In a blackout, key components may be damaged and operators may not have a full picture of what is available to them. And while utilities are likely to have a rough idea what the load on different parts of the grid should be, there are no guarantees. “You wind up having to basically feel around in the dark to make sure, ‘Does reality match up with what all of my data tells me?’ ” said Kevin Stamber, the Sandia lead of the project.
That prompted the team to pair a cutting-edge optimization approach created by researchers at Lawrence Livermore National Laboratory and the University of California, Berkeley, with additional modules designed to simulate how the grid could react to the restoration plan, and how the operators implementing it would behave.

A newly discovered form of ice might exist on icy moons such as (left to right) Saturn’s moon’s Mimas, Dione and Rhea, on the far side of Saturn’s nearly edge-on rings. Image courtesy of NASA/JPL/Space Science Institute.

Ice, ice baby
Scientists have created a new type of ice that matches the density and structure of water, perhaps opening a door to studying water’s mysterious properties.
The ice is called medium-density amorphous ice.
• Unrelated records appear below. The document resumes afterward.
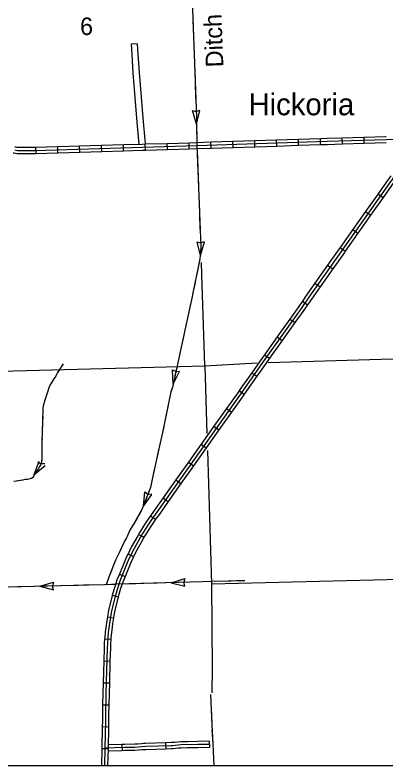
# Model space of a CAD drawing. Extents: x 1164457 to 1439835, y 1590918 to 1773502.
# Drawn here: x 1331207 to 1340153, y 1614471 to 1632574 of the extents above; entities that cross this region are included whole.
import ezdxf

# ---------------------------------------------------------------- set-up
doc = ezdxf.new("R2010")
doc.units = 0
for name, color, linetype in [('Level 24', 7, 'Continuous'), ('Level 32', 7, 'Continuous'), ('Level 43', 7, 'Continuous'), ('Level 45', 7, 'Continuous'), ('Level 46', 7, 'Continuous'), ('Level 5', 7, 'Continuous'), ('R_Draft', 7, 'Continuous')]:
    doc.layers.add(name, color=color, linetype=linetype)

msp = doc.modelspace()

# ---------------------------------------------------------------- linework, layer by layer
at = {"layer": 'Level 32'}
for p, q in [((1335936, 1629364), (1335931, 1629514)), ((1336464, 1629381), (1336459, 1629531)), ((1336992, 1629399), (1336987, 1629549)), ((1337520, 1629416), (1337515, 1629566)), ((1338047, 1629433), (1338042, 1629583)), ((1338575, 1629450), (1338570, 1629600)), ((1339103, 1629467), (1339098, 1629617)), ((1339630, 1629483), (1339626, 1629633)), ((1331714, 1629238), (1331710, 1629388)), ((1332242, 1629253), (1332237, 1629403)), ((1332770, 1629269), (1332765, 1629418)), ((1333297, 1629284), (1333293, 1629434)), ((1333825, 1629299), (1333821, 1629449)), ((1334353, 1629315), (1334348, 1629465)), ((1334881, 1629331), (1334876, 1629481)), ((1335409, 1629347), (1335404, 1629497)), ((1339962, 1628265), (1340084, 1628179)), ((1339657, 1627834), (1339780, 1627747)), ((1339353, 1627402), (1339476, 1627316)), ((1339049, 1626971), (1339171, 1626884)), ((1338744, 1626540), (1338867, 1626453)), ((1338440, 1626108), (1338562, 1626022)), ((1338136, 1625675), (1338260, 1625590)), ((1337833, 1625245), (1337955, 1625158)), ((1337526, 1624815), (1337648, 1624728)), ((1337220, 1624385), (1337342, 1624298)), ((1336916, 1623952), (1337038, 1623866)), ((1336613, 1623520), (1336736, 1623434)), ((1336308, 1623089), (1336430, 1623003)), ((1336003, 1622659), (1336125, 1622572)), ((1335697, 1622228), (1335820, 1622141)), ((1335392, 1621797), (1335514, 1621710)), ((1335086, 1621366), (1335209, 1621280)), ((1334781, 1620936), (1334903, 1620849)), ((1334476, 1620505), (1334598, 1620418)), ((1334185, 1620053), (1334317, 1619983)), ((1333933, 1619588), (1334067, 1619520)), ((1333723, 1619096), (1333862, 1619040)), ((1333551, 1618590), (1333695, 1618547)), ((1333435, 1618066), (1333583, 1618041)), ((1333369, 1617535), (1333518, 1617525)), ((1333347, 1617005), (1333497, 1617000)), ((1333332, 1616477), (1333482, 1616472)), ((1333319, 1615948), (1333469, 1615945)), ((1333311, 1615420), (1333461, 1615417)), ((1333300, 1614892), (1333450, 1614889))]:
    msp.add_line(p, q, dxfattribs=at)
for points in [[(1335404, 1629497), (1335593, 1629503), (1335931, 1629514)], [(1335595, 1629428), (1338734, 1629531), (1340153, 1629574), (1340765, 1629600), (1340771, 1629601)], [(1335931, 1629514), (1336459, 1629531)], [(1336459, 1629531), (1336987, 1629549)], [(1340931, 1629520), (1340881, 1629444), (1340383, 1628725), (1340226, 1628510), (1339087, 1626895), (1338293, 1625771), (1338109, 1625503), (1337644, 1624851), (1337177, 1624196), (1336662, 1623459)], [(1336987, 1629549), (1337515, 1629566)], [(1337515, 1629566), (1338042, 1629583)], [(1338042, 1629583), (1338570, 1629600)], [(1338570, 1629600), (1338731, 1629606), (1339098, 1629617)], [(1339098, 1629617), (1339626, 1629633)], [(1339626, 1629633), (1340151, 1629649), (1340153, 1629650)], [(1339630, 1629483), (1340156, 1629500), (1340159, 1629500)], [(1331203, 1629323), (1331234, 1629316), (1331268, 1629311), (1331323, 1629310), (1331469, 1629312), (1331696, 1629312), (1334277, 1629387), (1335595, 1629428)], [(1331207, 1629400), (1331222, 1629395), (1331247, 1629390), (1331274, 1629386), (1331324, 1629385), (1331468, 1629387), (1331695, 1629387), (1331710, 1629388)], [(1331710, 1629388), (1332237, 1629403)], [(1332237, 1629403), (1332765, 1629418)], [(1332765, 1629418), (1333293, 1629434)], [(1333293, 1629434), (1333821, 1629449)], [(1333821, 1629449), (1334275, 1629462), (1334348, 1629465)], [(1334348, 1629465), (1334876, 1629481)], [(1334353, 1629315), (1334881, 1629331)], [(1334876, 1629481), (1335404, 1629497)], [(1334881, 1629331), (1335409, 1629347)], [(1335409, 1629347), (1335598, 1629353), (1335936, 1629364)], [(1335936, 1629364), (1336464, 1629381)], [(1336464, 1629381), (1336992, 1629399)], [(1336992, 1629399), (1337520, 1629416)], [(1337520, 1629416), (1338047, 1629433)], [(1338047, 1629433), (1338575, 1629450)], [(1338575, 1629450), (1338736, 1629456), (1339103, 1629467)], [(1339103, 1629467), (1339630, 1629483)], [(1331164, 1629256), (1331184, 1629250), (1331221, 1629242), (1331262, 1629236), (1331322, 1629235), (1331469, 1629237), (1331697, 1629237), (1331714, 1629238)], [(1331714, 1629238), (1332242, 1629253)], [(1332242, 1629253), (1332770, 1629269)], [(1332770, 1629269), (1333297, 1629284)], [(1333297, 1629284), (1333825, 1629299)], [(1333825, 1629299), (1334279, 1629313), (1334353, 1629315)], [(1340269, 1628696), (1340165, 1628553), (1339962, 1628265)], [(1340390, 1628608), (1340286, 1628466), (1340084, 1628179)], [(1339962, 1628265), (1339657, 1627834)], [(1340084, 1628179), (1339780, 1627747)], [(1339657, 1627834), (1339353, 1627402)], [(1339780, 1627747), (1339476, 1627316)], [(1339353, 1627402), (1339049, 1626971)], [(1339476, 1627316), (1339171, 1626884)], [(1339049, 1626971), (1339026, 1626939), (1338744, 1626540)], [(1339171, 1626884), (1339149, 1626852), (1338867, 1626453)], [(1338744, 1626540), (1338440, 1626108)], [(1338867, 1626453), (1338562, 1626022)], [(1338440, 1626108), (1338231, 1625814), (1338136, 1625675)], [(1338562, 1626022), (1338354, 1625728), (1338260, 1625590)], [(1338136, 1625675), (1338048, 1625546), (1337833, 1625245)], [(1338260, 1625590), (1338171, 1625460), (1337955, 1625158)], [(1337833, 1625245), (1337583, 1624895), (1337526, 1624815)], [(1337955, 1625158), (1337705, 1624808), (1337648, 1624728)], [(1337526, 1624815), (1337220, 1624385)], [(1337648, 1624728), (1337342, 1624298)], [(1337220, 1624385), (1337116, 1624239), (1336916, 1623952)], [(1337342, 1624298), (1337239, 1624153), (1337038, 1623866)], [(1336916, 1623952), (1336613, 1623520)], [(1337038, 1623866), (1336736, 1623434)], [(1336662, 1623459), (1334627, 1620588), (1334492, 1620399), (1334409, 1620276), (1334370, 1620213), (1334280, 1620073), (1334233, 1619983), (1334079, 1619710), (1333977, 1619509), (1333939, 1619422), (1333913, 1619366), (1333736, 1618929), (1333683, 1618770), (1333619, 1618557), (1333537, 1618212), (1333484, 1617905), (1333456, 1617691), (1333446, 1617564), (1333436, 1617422), (1333431, 1617310), (1333400, 1616224), (1333389, 1615705), (1333389, 1615550), (1333375, 1614899), (1333366, 1614471)], [(1336613, 1623520), (1336601, 1623502), (1336308, 1623089)], [(1336736, 1623434), (1336723, 1623416), (1336430, 1623003)], [(1336308, 1623089), (1336003, 1622659)], [(1336430, 1623003), (1336125, 1622572)], [(1336003, 1622659), (1335697, 1622228)], [(1336125, 1622572), (1335820, 1622141)], [(1335697, 1622228), (1335392, 1621797)], [(1335820, 1622141), (1335514, 1621710)], [(1335392, 1621797), (1335086, 1621366)], [(1335514, 1621710), (1335209, 1621280)], [(1335086, 1621366), (1334781, 1620936)], [(1335209, 1621280), (1334903, 1620849)], [(1334781, 1620936), (1334566, 1620632), (1334476, 1620505)], [(1334903, 1620849), (1334688, 1620545), (1334598, 1620418)], [(1334476, 1620505), (1334431, 1620441), (1334346, 1620317), (1334306, 1620253), (1334215, 1620111), (1334185, 1620053)], [(1334598, 1620418), (1334554, 1620356), (1334472, 1620235), (1334433, 1620173), (1334345, 1620035), (1334317, 1619983)], [(1334185, 1620053), (1334167, 1620019), (1334012, 1619745), (1333933, 1619588)], [(1334317, 1619983), (1334299, 1619947), (1334145, 1619675), (1334067, 1619520)], [(1333933, 1619588), (1333909, 1619541), (1333870, 1619453), (1333845, 1619396), (1333723, 1619096)], [(1334067, 1619520), (1334045, 1619477), (1334007, 1619392), (1333982, 1619337), (1333862, 1619040)], [(1333723, 1619096), (1333666, 1618955), (1333611, 1618793), (1333551, 1618590)], [(1333862, 1619040), (1333807, 1618903), (1333754, 1618747), (1333695, 1618547)], [(1333551, 1618590), (1333547, 1618576), (1333463, 1618228), (1333435, 1618066)], [(1333695, 1618547), (1333692, 1618537), (1333610, 1618197), (1333583, 1618041)], [(1333435, 1618066), (1333410, 1617917), (1333381, 1617699), (1333371, 1617570), (1333369, 1617535)], [(1333583, 1618041), (1333558, 1617894), (1333531, 1617683), (1333521, 1617558), (1333518, 1617525)], [(1333369, 1617535), (1333361, 1617426), (1333356, 1617313), (1333347, 1617005)], [(1333518, 1617525), (1333511, 1617417), (1333506, 1617307), (1333497, 1617000)], [(1333347, 1617005), (1333332, 1616477)], [(1333497, 1617000), (1333482, 1616472)], [(1333332, 1616477), (1333325, 1616226), (1333319, 1615948)], [(1333482, 1616472), (1333475, 1616222), (1333469, 1615945)], [(1333319, 1615948), (1333314, 1615706), (1333314, 1615551), (1333311, 1615420)], [(1333469, 1615945), (1333464, 1615704), (1333464, 1615549), (1333461, 1615417)], [(1333311, 1615420), (1333300, 1614900), (1333300, 1614892)], [(1333461, 1615417), (1333450, 1614897), (1333450, 1614889)], [(1333300, 1614892), (1333291, 1614471)], [(1333450, 1614889), (1333441, 1614471)]]:
    msp.add_lwpolyline(points, dxfattribs=at)
at = {"layer": 'Level 43'}
for p, q in [((1335586, 1629941), (1335485, 1630269)), ((1335485, 1630269), (1335575, 1630248)), ((1335663, 1630275), (1335576, 1630249)), ((1335586, 1629941), (1335663, 1630275)), ((1335593, 1627103), (1335682, 1627082)), ((1335678, 1626775), (1335602, 1627109)), ((1335678, 1626775), (1335779, 1627103)), ((1335770, 1627109), (1335683, 1627082)), ((1335020, 1623676), (1335004, 1624018)), ((1335004, 1624018), (1335085, 1623977)), ((1335020, 1623676), (1335177, 1623981)), ((1335177, 1623981), (1335086, 1623976)), ((1331670, 1621496), (1331791, 1621817)), ((1331754, 1621801), (1331833, 1621756)), ((1331925, 1621755), (1331834, 1621755)), ((1331670, 1621496), (1331935, 1621714)), ((1334303, 1620736), (1334340, 1621077)), ((1334303, 1620736), (1334505, 1621013)), ((1334340, 1621077), (1334413, 1621023)), ((1334505, 1621013), (1334415, 1621022)), ((1331804, 1618802), (1332133, 1618898)), ((1332133, 1618898), (1332112, 1618809)), ((1334970, 1618888), (1335299, 1618987)), ((1334970, 1618888), (1335304, 1618809)), ((1335299, 1618987), (1335278, 1618898)), ((1335304, 1618809), (1335278, 1618897)), ((1331804, 1618802), (1332137, 1618721)), ((1332137, 1618721), (1332112, 1618808))]:
    msp.add_line(p, q, dxfattribs=at)
for points in [[(1335425, 1634462), (1335580, 1630104), (1335595, 1629428), (1335686, 1626983), (1335682, 1626868), (1335676, 1626777), (1335664, 1626696), (1335622, 1626496), (1335506, 1625914), (1335463, 1625710), (1335327, 1625088), (1335009, 1623625), (1334967, 1623489)], [(1335497, 1632447), (1335511, 1632051)], [(1335516, 1631920), (1335530, 1631524)], [(1335534, 1631392), (1335549, 1630996)], [(1335553, 1630864), (1335567, 1630468)], [(1335572, 1630337), (1335580, 1630104), (1335584, 1629941)], [(1335587, 1629809), (1335591, 1629611)], [(1335591, 1629611), (1335594, 1629503)], [(1335601, 1629281), (1335615, 1628885)], [(1335620, 1628753), (1335635, 1628358)], [(1335640, 1628226), (1335654, 1627830)], [(1335659, 1627698), (1335674, 1627302)], [(1335679, 1627170), (1335686, 1626983), (1335682, 1626868), (1335676, 1626777), (1335675, 1626775)], [(1335653, 1626645), (1335622, 1626496), (1335613, 1626451)], [(1335613, 1626451), (1335575, 1626257)], [(1335549, 1626127), (1335506, 1625914), (1335469, 1625739)], [(1335441, 1625610), (1335357, 1625223)], [(1335329, 1625094), (1335327, 1625088), (1335245, 1624707)], [(1335217, 1624578), (1335132, 1624192)], [(1332368, 1624163), (1332261, 1624003), (1332233, 1623957), (1332222, 1623937), (1332209, 1623905), (1332191, 1623867), (1332145, 1623805), (1332093, 1623725), (1332069, 1623687), (1332048, 1623651), (1332036, 1623626), (1332019, 1623588), (1331995, 1623506), (1331925, 1623290), (1331885, 1623146), (1331879, 1623108), (1331872, 1622768), (1331856, 1622300), (1331857, 1621941), (1331852, 1621860), (1331845, 1621805), (1331837, 1621769), (1331826, 1621729), (1331801, 1621687), (1331774, 1621641), (1331720, 1621565), (1331689, 1621518), (1331650, 1621453), (1331634, 1621428), (1331607, 1621405), (1331573, 1621392), (1331511, 1621378), (1331479, 1621376), (1331454, 1621373), (1331420, 1621368), (1331385, 1621361), (1331175, 1621327)], [(1335104, 1624063), (1335020, 1623676)], [(1332198, 1623882), (1332191, 1623867), (1332145, 1623805), (1332093, 1623725), (1332069, 1623687), (1332048, 1623651), (1332036, 1623626), (1332019, 1623588), (1332004, 1623539)], [(1334986, 1623548), (1334967, 1623489)], [(1331965, 1623413), (1331925, 1623290), (1331885, 1623146), (1331879, 1623108), (1331877, 1623029)], [(1334967, 1623489), (1334831, 1622824), (1334767, 1622514), (1334691, 1622192), (1334529, 1621454), (1334476, 1621183), (1334269, 1620650)], [(1334967, 1623489), (1334928, 1623295)], [(1334901, 1623166), (1334831, 1622824), (1334822, 1622778)], [(1331875, 1622897), (1331872, 1622768), (1331863, 1622501)], [(1334795, 1622649), (1334767, 1622514), (1334708, 1622263)], [(1331859, 1622369), (1331856, 1622300), (1331857, 1621974)], [(1334678, 1622134), (1334593, 1621747)], [(1331850, 1621842), (1331845, 1621805), (1331837, 1621769), (1331826, 1621729), (1331801, 1621687), (1331774, 1621641), (1331720, 1621565), (1331689, 1621518), (1331674, 1621493)], [(1334565, 1621618), (1334529, 1621454), (1334485, 1621230)], [(1331394, 1621363), (1331385, 1621361), (1331199, 1621331)], [(1331588, 1621398), (1331573, 1621392), (1331511, 1621378), (1331479, 1621376), (1331454, 1621373), (1331420, 1621368), (1331394, 1621363)], [(1334446, 1621105), (1334303, 1620736)], [(1334269, 1620650), (1334080, 1620327), (1333976, 1620159), (1333924, 1620045), (1333911, 1620002), (1333892, 1619967), (1333870, 1619930), (1333848, 1619890), (1333724, 1619627), (1333631, 1619429), (1333478, 1619047), (1333414, 1618862), (1333395, 1618828)], [(1334249, 1620615), (1334149, 1620445)], [(1334149, 1620445), (1334080, 1620327), (1334048, 1620275)], [(1333978, 1620162), (1333976, 1620159), (1333924, 1620045), (1333911, 1620002), (1333892, 1619967), (1333870, 1619930), (1333848, 1619890), (1333808, 1619805)], [(1333752, 1619686), (1333724, 1619627), (1333631, 1619429), (1333589, 1619325)], [(1333540, 1619203), (1333478, 1619047), (1333406, 1618840)], [(1336751, 1618936), (1335937, 1618919), (1335726, 1618910), (1333666, 1618850), (1333653, 1618851), (1333601, 1618842), (1333530, 1618843), (1333363, 1618838), (1332619, 1618821), (1330727, 1618777)], [(1332728, 1618823), (1332619, 1618821), (1332332, 1618814)], [(1333256, 1618836), (1332860, 1618826)], [(1333585, 1618842), (1333530, 1618843), (1333387, 1618839)], [(1333629, 1618847), (1333601, 1618842), (1333585, 1618842)], [(1334310, 1618869), (1333914, 1618857)], [(1334838, 1618884), (1334442, 1618873)], [(1335366, 1618900), (1334970, 1618888)], [(1335894, 1618917), (1335726, 1618910), (1335498, 1618904)], [(1336421, 1618929), (1336025, 1618921)], [(1336751, 1618936), (1336553, 1618932)], [(1331672, 1618799), (1331276, 1618789)], [(1332200, 1618811), (1331804, 1618802)], [(1335920, 1616197), (1335950, 1615465), (1335974, 1615001), (1336002, 1614471)], [(1335920, 1616197), (1335928, 1615999)], [(1335934, 1615867), (1335950, 1615471)], [(1335957, 1615339), (1335974, 1615001), (1335977, 1614944)], [(1335984, 1614812), (1336002, 1614471)]]:
    msp.add_lwpolyline(points, dxfattribs=at)
at = {"layer": 'Level 45'}
for p, q in [((1334837, 1615030), (1334842, 1614880)), ((1335893, 1615067), (1335897, 1614917)), ((1333782, 1614989), (1333788, 1614839))]:
    msp.add_line(p, q, dxfattribs=at)
for points in [[(1334837, 1615030), (1334354, 1615012), (1334308, 1615010)], [(1335365, 1615056), (1335209, 1615053), (1335132, 1615048), (1335059, 1615040), (1335012, 1615035), (1334970, 1615035), (1334837, 1615030)], [(1335893, 1615067), (1335616, 1615060), (1335365, 1615056)], [(1335895, 1614992), (1335618, 1614985), (1335212, 1614978), (1335138, 1614974), (1335067, 1614966), (1335016, 1614960), (1334971, 1614960), (1334357, 1614937), (1334261, 1614932), (1334175, 1614923), (1334096, 1614920), (1333855, 1614916), (1333375, 1614899)], [(1333788, 1614839), (1333448, 1614826)], [(1333782, 1614989), (1333451, 1614977)], [(1334308, 1615010), (1334255, 1615007), (1334169, 1614998), (1334094, 1614994), (1333853, 1614991), (1333782, 1614989)], [(1334316, 1614860), (1334267, 1614858), (1334180, 1614848), (1334098, 1614845), (1333857, 1614841), (1333788, 1614839)], [(1334842, 1614880), (1334360, 1614862), (1334316, 1614860)], [(1335368, 1614906), (1335215, 1614903), (1335144, 1614899), (1335076, 1614891), (1335021, 1614885), (1334973, 1614885), (1334842, 1614880)], [(1335897, 1614917), (1335619, 1614910), (1335368, 1614906)]]:
    msp.add_lwpolyline(points, dxfattribs=at)
at = {"layer": 'Level 46'}
for points in [[(1334156, 1631878), (1334006, 1631870), (1334021, 1631624), (1334049, 1631179), (1334148, 1629989), (1334185, 1629552), (1334194, 1629460)], [(1334156, 1631878), (1334170, 1631633), (1334199, 1631190), (1334297, 1630001), (1334334, 1629566), (1334345, 1629465)]]:
    msp.add_lwpolyline(points, dxfattribs=at)
at = {"layer": 'Level 5'}
for points in [[(1335788, 1624114), (1335710, 1626316), (1335701, 1626607)], [(1337312, 1624201), (1340036, 1624281), (1340987, 1624293)], [(1330554, 1623981), (1335788, 1624114)], [(1335788, 1624114), (1337043, 1624188)], [(1335788, 1624114), (1335836, 1622487)], [(1335848, 1622073), (1335944, 1618861)], [(1335944, 1618861), (1341153, 1618990)], [(1335944, 1618861), (1335961, 1616817), (1335951, 1616234)]]:
    msp.add_lwpolyline(points, dxfattribs=at)
at = {"layer": 'R_Draft'}
msp.add_lwpolyline([(1246398, 1678582), (1349820, 1678582), (1349820, 1614471), (1246398, 1614471)], close=True, dxfattribs=at)

# ---------------------------------------------------------------- texts
at = {"layer": 'Level 24'}
msp.add_text('Hickoria', height=528, dxfattribs=at).set_placement((1336837, 1630158))
at = {"layer": 'Level 43'}
msp.add_text('Ditch', height=422, rotation=92.1682, dxfattribs=at).set_placement((1336233, 1631321))
at = {"layer": 'Level 5'}
msp.add_text('6', height=422, dxfattribs=at).set_placement((1332775, 1632092))

doc.saveas('drawing.dxf')

The team that created it, shook regular ice in a small container with centimeter-wide stainless-steel balls at temperatures of –200 degrees Celsius to produce the variant, which has never been seen before. The ice appeared as a white granular powder that stuck to the metal balls. As it turns out, comets are big chunks of low-density amorphous ice.
The results are “pretty convincing”, said Marius Millot, a physicist at the Lawrence Livermore National Laboratory. “This is a great example of how we still have things to understand with water.”